El consumo privado en hogares muestra leve crecimiento
Consumo privado: variación mensual y anualFuente del dato: Indicador Mensual del Consumo Privado (IMCP), Inegi.Abril 2026 vs marzo 2026: +0.1% (consumo privado total).Abril 2026 (mensual) por origen: nacional +0.6% vs importado -1.5%.Abril 2026 vs abril 2025: +2.1% (consumo privado total).Abril 2026 (anual) por origen: nacional 0.0% vs importado +11.7%.
Metodología del análisis del gasto en hogares mexicanos
En Mundi leemos el gasto de los hogares como un termómetro doble: por un lado, mide el poder adquisitivo y la confianza del consumidor; por el otro, anticipa presiones (o alivios) para empresas que venden en México, importan insumos o dependen de cadenas de suministro con componente externo. Para este análisis usamos dos capas de información.
La primera es coyuntural: el Indicador Mensual del Consumo Privado (IMCP) del Inegi, que permite observar cambios mensuales y anuales del consumo privado. En este texto lo tratamos como un indicador de gasto agregado de los hogares en bienes y servicios, desagregado por origen (nacional vs importado), tal como lo reporta el propio IMCP. En particular, nos enfocamos en abril de 2026, mes para el que se reporta un avance frente a marzo y frente a abril del año previo.
La segunda capa es estructural: datos de la Encuesta Nacional de Ingresos y Gastos de los Hogares (ENIGH) 2024 del Inegi y síntesis de fuentes que la interpretan (por ejemplo, IMCO y notas de prensa basadas en ENIGH).

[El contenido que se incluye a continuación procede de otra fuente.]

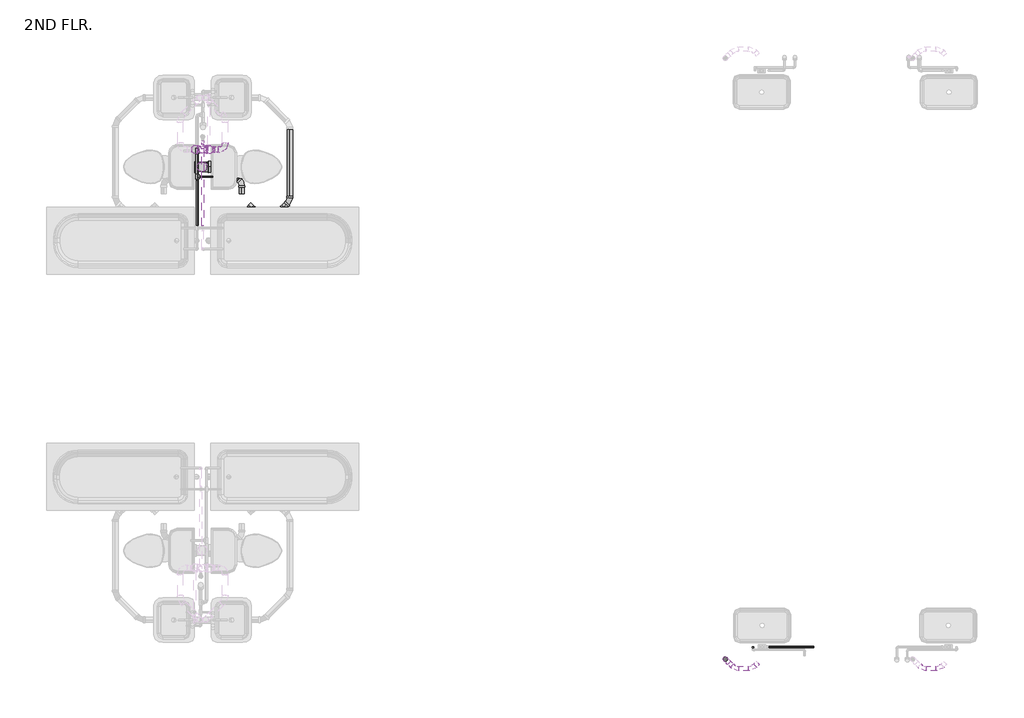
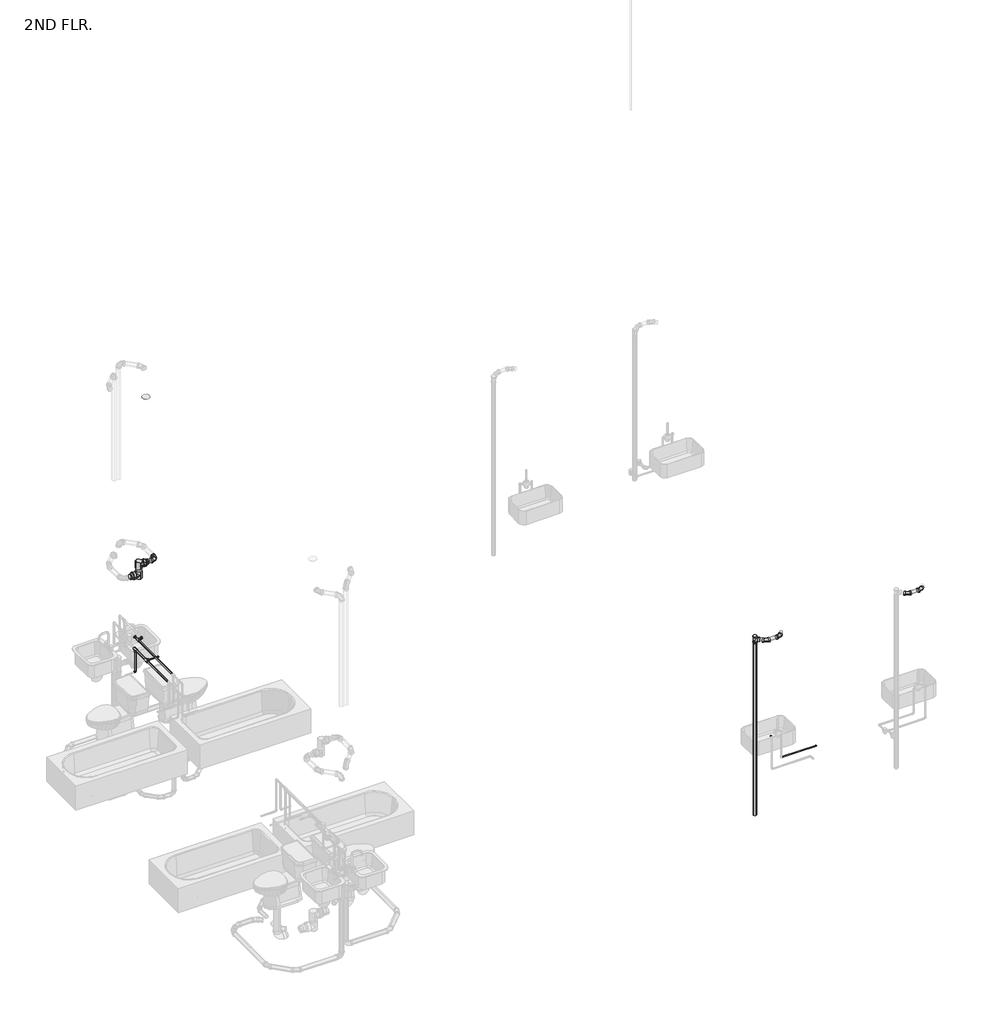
# One storey, part 6 of 15: 34 pipe fittings, 28 pipe segments.
"""IFC4 building model written with IfcOpenShell, lengths in millimetres."""

from ifc_helpers import new_model, si_unit, point, frame, frame_2d, origin, place, context, project, spatial, circle_curve, trimmed, segment, composite_curve, outline, extrude, transform, mapped, element, save
from components import bend_pvc_sch_40_dwv_standard_e59a9f3a, bend_pvc_sch_40_dwv_standard_c28c2be1, bend_pvc_sch_40_dwv_standard_9a61ab34, bend_pvc_sch_40_dwv_standard_f2f5988a, bend_pvc_sch_40_dwv_standard_1eaeee76, bend_pvc_sch_40_dwv_standard_dc84db8a, bend_pvc_sch_40_dwv_standard_64a347df, bend_pvc_sch_40_dwv_standard_72717ed5, bend_pvc_sch_40_dwv_standard_56c8873b, pipe_elbow_copper_k_feaaf02c, pipe_elbow_copper_k_aad62f2d, pipe_tee_copper_k_ee363fbf, pipe_tee_copper_k_feafe2f1, pipe_tee_copper_k_66279296, pipe_tee_standard_eb115f45, pipe_tee_standard_88342a58, pipe_transition_copper_k_b4f16853, pipe_transition_copper_k_b63fd5dd, pipe_transition_copper_k_92c68de2, reducer_pvc_sch_40_dwv_standard_f8e5081b, reducer_pvc_sch_40_dwv_standard_58c00515, tee_generic_standard_21caa2af, tee_sanitary_pvc_sch_40_dwv_standard_31acfb72

model = new_model("IFC4")

# Units and contexts
model_context = context("Model", 3, world=origin())
ifc_project = project(units=[si_unit("LENGTHUNIT", "METRE", prefix="MILLI")], contexts=[model_context])

# Site, building, storey
site = spatial("IfcSite", under=ifc_project)
building = spatial("IfcBuilding", under=site)
storey = spatial("IfcBuildingStorey", under=building, Name="2ND FLR.", Elevation=2844.8)

# Pipe fittings
placement = place(None, origin())
bend_pvc_sch_40_dwv_standard_shape = bend_pvc_sch_40_dwv_standard_e59a9f3a(model_context)
element("IfcPipeFitting", 1, ObjectType="Bend - PVC - Sch 40 - DWV : Standard", at=placement, inside=storey, context=model_context, shape_type="MappedRepresentation", body=[
    mapped(bend_pvc_sch_40_dwv_standard_shape, transform((2563.0324353, 7019.0003975, 2448.8949826), x_axis=(0.7071067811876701, 0.7071067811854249, 0.0), y_axis=(-0.7071067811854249, 0.7071067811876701, 0.0), z_axis=(0.0, 0.0, 1.0))),
])
bend_pvc_sch_40_dwv_standard_2_shape = bend_pvc_sch_40_dwv_standard_c28c2be1(model_context)
element("IfcPipeFitting", 2, ObjectType="Bend - PVC - Sch 40 - DWV : Standard", at=placement, inside=storey, context=model_context, shape_type="MappedRepresentation", body=[
    mapped(bend_pvc_sch_40_dwv_standard_2_shape, transform((8359.7743364, 1981.9339371, 5528.5490021), x_axis=(-0.7070684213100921, -0.7071067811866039, 0.007365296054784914), y_axis=(0.7070684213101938, -0.7071067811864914, -0.007365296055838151), z_axis=(0.010416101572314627, 0.0, 0.9999457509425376))),
])
element("IfcPipeFitting", 3, ObjectType="Bend - PVC - Sch 40 - DWV : Standard", at=placement, inside=storey, context=model_context, shape_type="MappedRepresentation", body=[
    mapped(bend_pvc_sch_40_dwv_standard_2_shape, transform((10488.1493364, 1981.9339371, 5528.5490021), x_axis=(-0.7070684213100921, -0.7071067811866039, 0.007365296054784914), y_axis=(0.7070684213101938, -0.7071067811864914, -0.007365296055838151), z_axis=(0.010416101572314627, 0.0, 0.9999457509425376))),
])
bend_pvc_sch_40_dwv_standard_3_shape = bend_pvc_sch_40_dwv_standard_9a61ab34(model_context)
element("IfcPipeFitting", 4, ObjectType="Bend - PVC - Sch 40 - DWV : Standard", at=placement, inside=storey, context=model_context, shape_type="MappedRepresentation", body=[
    mapped(bend_pvc_sch_40_dwv_standard_3_shape, transform((8161.8285818, 1981.9339371, 5530.610937), x_axis=(-0.9999457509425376, 0.0, 0.010416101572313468), y_axis=(-4.542044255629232e-05, -0.9999904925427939, -0.004360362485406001), z_axis=(0.010416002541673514, -0.004360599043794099, 0.9999362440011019))),
])
element("IfcPipeFitting", 5, ObjectType="Bend - PVC - Sch 40 - DWV : Standard", at=placement, inside=storey, context=model_context, shape_type="MappedRepresentation", body=[
    mapped(bend_pvc_sch_40_dwv_standard_3_shape, transform((10290.2035818, 1981.9339371, 5530.610937), x_axis=(-0.9999457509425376, 0.0, 0.010416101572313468), y_axis=(-4.542044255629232e-05, -0.9999904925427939, -0.004360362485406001), z_axis=(0.010416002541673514, -0.004360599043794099, 0.9999362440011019))),
])
bend_pvc_sch_40_dwv_standard_4_shape = bend_pvc_sch_40_dwv_standard_f2f5988a(model_context)
element("IfcPipeFitting", 6, ObjectType="Bend - PVC - Sch 40 - DWV : Standard", at=placement, inside=storey, context=model_context, shape_type="MappedRepresentation", body=[
    mapped(bend_pvc_sch_40_dwv_standard_4_shape, transform((3108.9116861, 7289.6197731, 2448.8689525), x_axis=(0.707106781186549, 0.707106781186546, 0.0), y_axis=(-0.707106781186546, 0.707106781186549, 0.0), z_axis=(0.0, 0.0, 1.0))),
])
element("IfcPipeFitting", 7, ObjectType="Bend - PVC - Sch 40 - DWV : Standard", at=placement, inside=storey, context=model_context, shape_type="MappedRepresentation", body=[
    mapped(bend_pvc_sch_40_dwv_standard_4_shape, transform((2999.0889044, 7179.7969914, 2448.8689525), x_axis=(1.0, 0.0, 0.0), y_axis=(0.0, 1.0, 0.0), z_axis=(0.0, 0.0, 1.0))),
])
bend_pvc_sch_40_dwv_standard_5_shape = bend_pvc_sch_40_dwv_standard_1eaeee76(model_context)
element("IfcPipeFitting", 8, ObjectType="Bend - PVC - Sch 40 - DWV : Standard", at=placement, inside=storey, context=model_context, shape_type="MappedRepresentation", body=[
    mapped(bend_pvc_sch_40_dwv_standard_5_shape, transform((2372.3084875, 7876.8887644, 5283.2), x_axis=(1.0, 0.0, 0.0), y_axis=(0.0, 0.9999999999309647, -1.1750347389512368e-05), z_axis=(0.0, 1.1750347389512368e-05, 0.9999999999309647))),
])
bend_pvc_sch_40_dwv_standard_6_shape = bend_pvc_sch_40_dwv_standard_dc84db8a(model_context)
element("IfcPipeFitting", 9, ObjectType="Bend - PVC - Sch 40 - DWV : Standard", at=placement, inside=storey, context=model_context, shape_type="MappedRepresentation", body=[
    mapped(bend_pvc_sch_40_dwv_standard_6_shape, transform((2670.7109214, 7679.2137881, 2447.8717279), x_axis=(0.9999739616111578, 0.0, -0.0072163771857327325), y_axis=(0.0072163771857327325, 0.0, 0.9999739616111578), z_axis=(0.0, -1.0, 0.0))),
])
bend_pvc_sch_40_dwv_standard_7_shape = bend_pvc_sch_40_dwv_standard_64a347df(model_context)
element("IfcPipeFitting", 10, ObjectType="Bend - PVC - Sch 40 - DWV : Standard", at=placement, inside=storey, context=model_context, shape_type="MappedRepresentation", body=[
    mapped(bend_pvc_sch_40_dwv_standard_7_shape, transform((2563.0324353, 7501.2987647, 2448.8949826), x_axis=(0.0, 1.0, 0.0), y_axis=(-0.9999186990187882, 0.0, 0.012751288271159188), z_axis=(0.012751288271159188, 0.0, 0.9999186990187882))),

Esta capa no “explica” el dato mensual, pero sí ayuda a entender en qué rubros se concentra el gasto (alimentos, transporte, vivienda, educación, salud) y por qué ciertos shocks (inflación en básicos, empleo formal, remesas) se transmiten rápido al consumo.
Finalmente, incorporamos el ángulo de México, ¿cómo vamos? sobre el dato de abril: una señal de moderación y un dinamismo anual concentrado en importados, con consumo nacional prácticamente estancado. Esa lectura es clave para empresas con exposición a tipo de cambio, inventarios importados y financiamiento de capital de trabajo (la liquidez necesaria para operar el ciclo de comprar–producir–vender–cobrar).
De coyuntura a operación empresarial
1) Leer la coyuntura (IMCP, Inegi): identificar el cambio m/m (pulso inmediato) y a/a (tendencia) y el desglose nacional vs importado.Checkpoint: si m/m y a/a “cuentan historias distintas”, no concluir con un solo número.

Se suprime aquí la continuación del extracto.